A team at MIT’s Computer Science and Artificial Intelligence Lab developed a framework, called SigLLM, that includes a component to convert time-series data — measurements taken repeatedly over time — into text-based inputs a generative AI model can process. A user can feed these prepared data to the model and ask it to start identifying anomalies. The model can also be used to forecast future time-series data points as part of an anomaly-detection pipeline. 

The framework didn’t perform exceptionally well in the researchers’ experiments. But if its performance can be improved, SigLLM could, for example, help technicians flag potential problems in equipment like heavy machinery before they occur.

“Since this is just the first iteration, we didn’t expect to get there from the first go, but these results show that there’s an opportunity here to leverage [generative AI models] for complex anomaly detection tasks,” Sarah Alnegheimish, an electrical engineering and computer science graduate student and lead author on a paper on SigLLM, said in a statement.

Grab bag

OpenAI upgraded ChatGPT, its AI-powered chatbot platform, to a new base model this month — but released no changelog (well, barely a changelog).

there’s a new GPT-4o model out in ChatGPT since last week. hope you all are enjoying it and check it out if you haven’t! we think you’ll like it 😃

— ChatGPT (@ChatGPTapp) August 12, 2024

So what to make of it? What can one make of it, exactly? There’s nothing to go on but anecdotal evidence from subjective tests.

I think Ethan Mollick, a professor at Wharton studying AI, innovation and startups, had the right take.
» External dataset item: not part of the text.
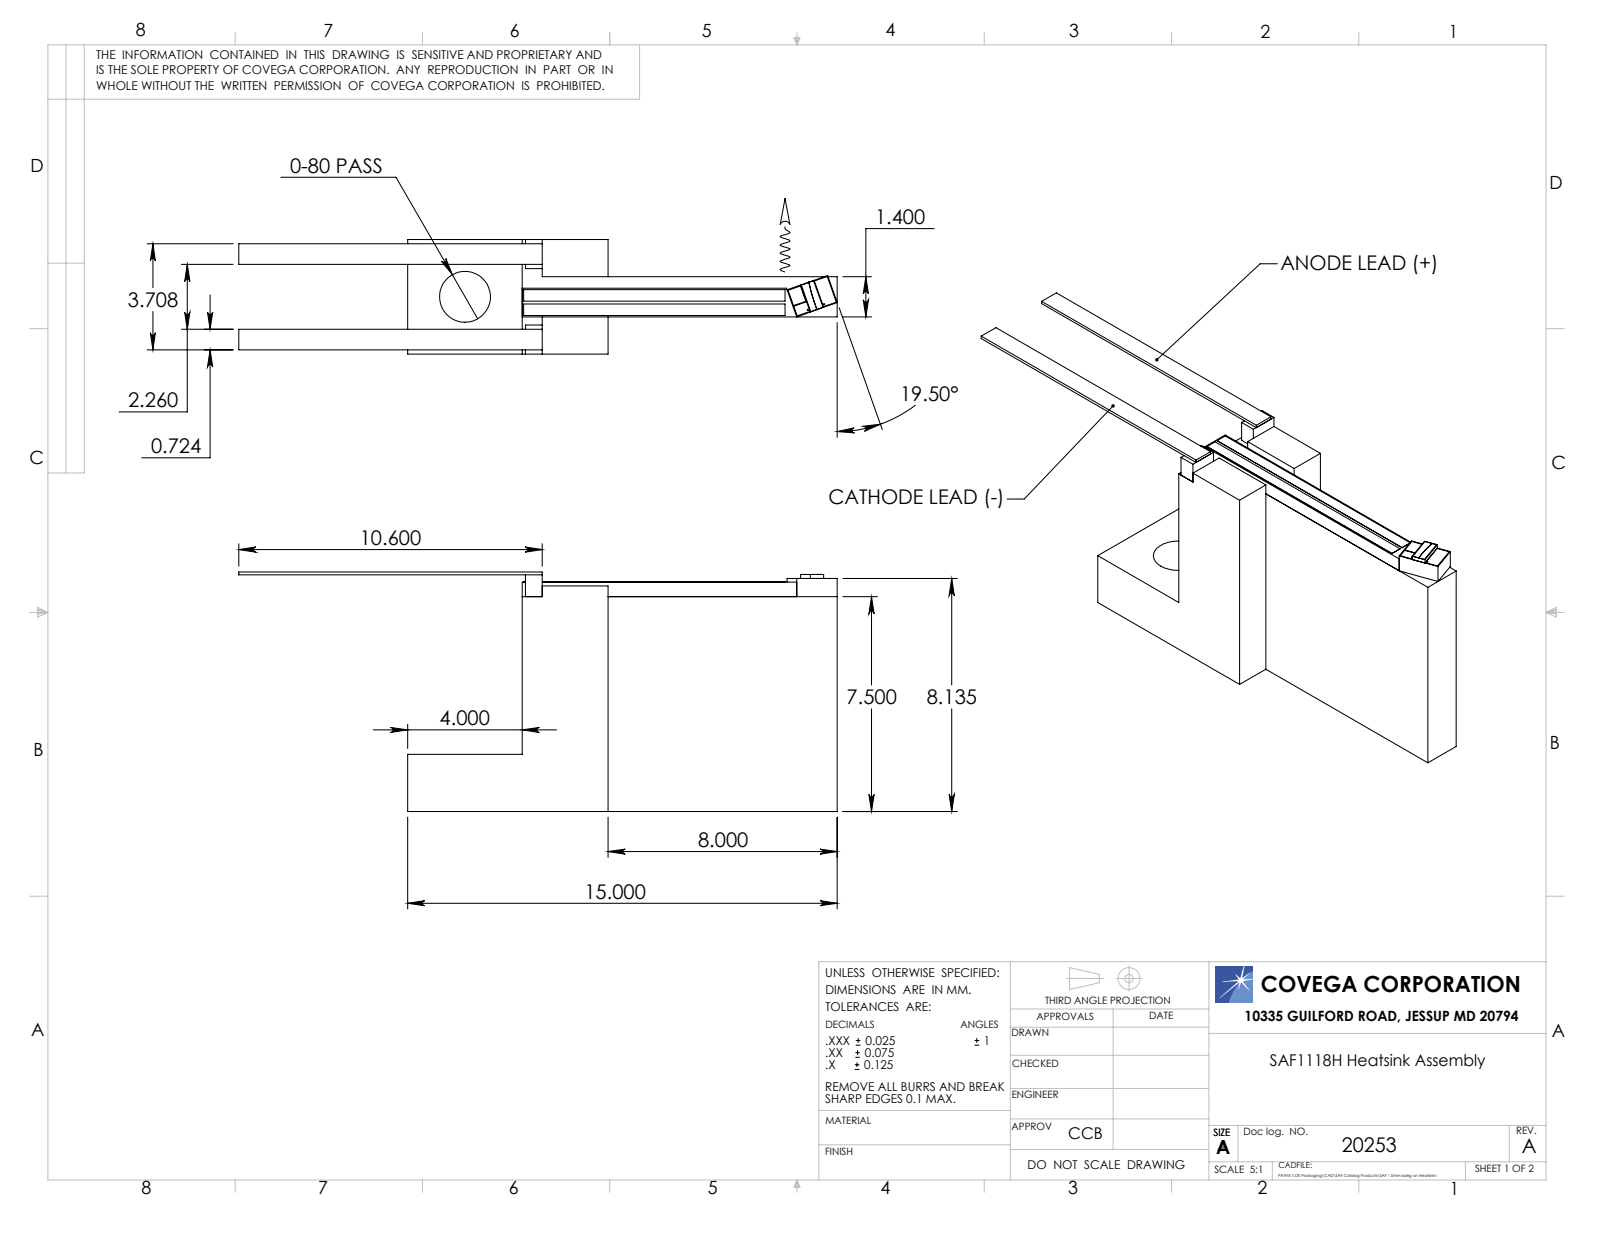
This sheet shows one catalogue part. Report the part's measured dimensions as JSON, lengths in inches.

It’s hard to write release notes for generative AI models because the models “feel” different in one interaction to the next; they’re largely vibes-based. At the same time, people use — and pay for — ChatGPT. Don’t they deserve to know what they’re getting into?

It could be the improvements are incremental, and OpenAI believes it’s unwise for competitive reasons to signal this. Less likely is the model relates somehow to OpenAI’s reported reasoning breakthroughs. Regardless, when it comes to AI, transparency should be a priority. There can’t be trust without it — and OpenAI has lost plenty of that already.